Now run your code and get that XML Export, you need this to create a schema. Once it runs successfully, open that exported XML file in your Visual Studio, go to XML tab then choose Create Schema.
This then creates a schema for you with XSD extension, save it in your project folder.
Now going back to your Control Flow canvas, drag a Data Flow Task, your’e now ready to perform a data dump from your XML variable to SQL Server.
Now before you continue, make sure you have the right tables sorted already in SQL Server, I suggest to name the fields exactly the same as the fields you get in the schema generated, take note of data types as well.
Once you got that sorted, go to the Data Flow Tab then drag an XML Source and an ADO NET Destination, connect them together.
Configure your XML Source with the following. Data access mode should come from the variable and XSD will be the one that was autogenerated earlier.

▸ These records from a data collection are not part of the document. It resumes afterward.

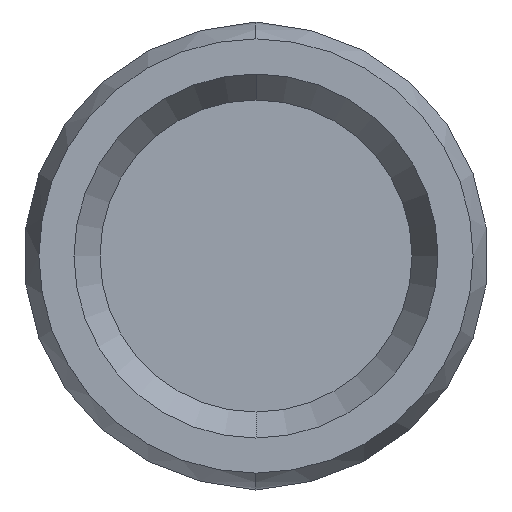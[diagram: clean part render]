
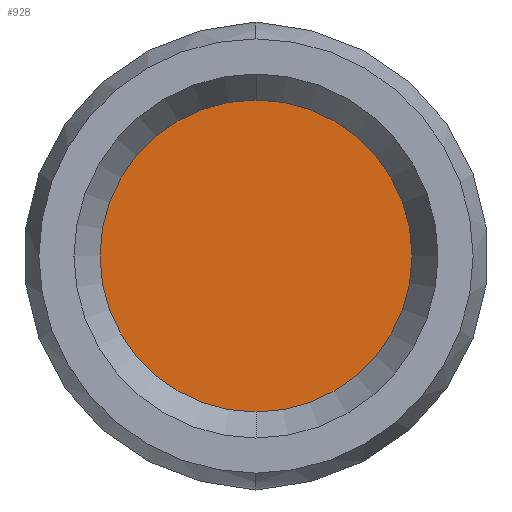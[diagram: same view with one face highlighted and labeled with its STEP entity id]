
A CAD part, left-side view. The second image highlights one B-rep face of the part: STEP entity #928.
In plain terms, the highlighted planar face has unit normal (-1, 0, 0).
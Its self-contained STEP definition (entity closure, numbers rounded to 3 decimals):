
#53 = AXIS2_PLACEMENT_3D ( 'NONE', #671, #342, #443 ) ;
#56 = DIRECTION ( 'NONE',  ( -1., 0., 0. ) ) ;
#59 = DIRECTION ( 'NONE',  ( -1., 0., 0. ) ) ;
#116 = VERTEX_POINT ( 'NONE', #1031 ) ;
#123 = CARTESIAN_POINT ( 'NONE',  ( 19.98, 0., 0. ) ) ;
#259 = CIRCLE ( 'NONE', #802, 0.6 ) ;
#325 = DIRECTION ( 'NONE',  ( 0., 0., 1. ) ) ;
#342 = DIRECTION ( 'NONE',  ( 1., 0., 0. ) ) ;
#371 = CARTESIAN_POINT ( 'NONE',  ( 19.98, 0., -0.6 ) ) ;
#373 = ORIENTED_EDGE ( 'NONE', *, *, #506, .T. ) ;
#411 = FACE_OUTER_BOUND ( 'NONE', #805, .T. ) ;
#430 = EDGE_CURVE ( 'NONE', #116, #738, #259, .T. ) ;
#443 = DIRECTION ( 'NONE',  ( 0., 0., -1. ) ) ;
#506 = EDGE_CURVE ( 'NONE', #738, #116, #709, .T. ) ;
#671 = CARTESIAN_POINT ( 'NONE',  ( 19.98, 0.6, 0. ) ) ;
#709 = CIRCLE ( 'NONE', #857, 0.6 ) ;
#738 = VERTEX_POINT ( 'NONE', #371 ) ;
#802 = AXIS2_PLACEMENT_3D ( 'NONE', #843, #59, #1111 ) ;
#805 = EDGE_LOOP ( 'NONE', ( #913, #373 ) ) ;
#843 = CARTESIAN_POINT ( 'NONE',  ( 19.98, 0., 0. ) ) ;
#857 = AXIS2_PLACEMENT_3D ( 'NONE', #123, #56, #325 ) ;
#913 = ORIENTED_EDGE ( 'NONE', *, *, #430, .T. ) ;
#928 = ADVANCED_FACE ( 'NONE', ( #411 ), #1100, .F. ) ;
#1031 = CARTESIAN_POINT ( 'NONE',  ( 19.98, 0., 0.6 ) ) ;
#1100 = PLANE ( 'NONE',  #53 ) ;
#1111 = DIRECTION ( 'NONE',  ( 0., 0., 1. ) ) ;

Now go to columns to confirm, it will warn you of the maximum length. We ignore that first but again on live scenario, you need to give this the proper data types and associated lengths.
Check if you got all Columns you need.
Then let's ignore any failure, just for this demo. If we don’t do this, there will be a lot of truncation error specially if you have long column lengths.
XML Source is finished. Now let's configure the destination, create a new connection manager.
Choose ADO.NET.
Then point to your database.
Then the necessary table.
Click mappings, if you have named the database table fields the same as the XSD, then it would automap beautifully, otherwise you will manually do it.
Now, you will see the red x icon disappears on ADO NET Destination but still on the XML Source, this is because it validates the External Metadata from the XML and you don’t have it as it is from a variable populated on run time. Just disable that checking on the Properties of your XML Source.
Run your project, then you’re all good to go.
To confirm, check your database if the data is there.
Also check your SharePoint list, data should be already deleted at this moment.
This is tested to work using SharePoint 2013, SQL Server 2012 and Visual Studio 2012.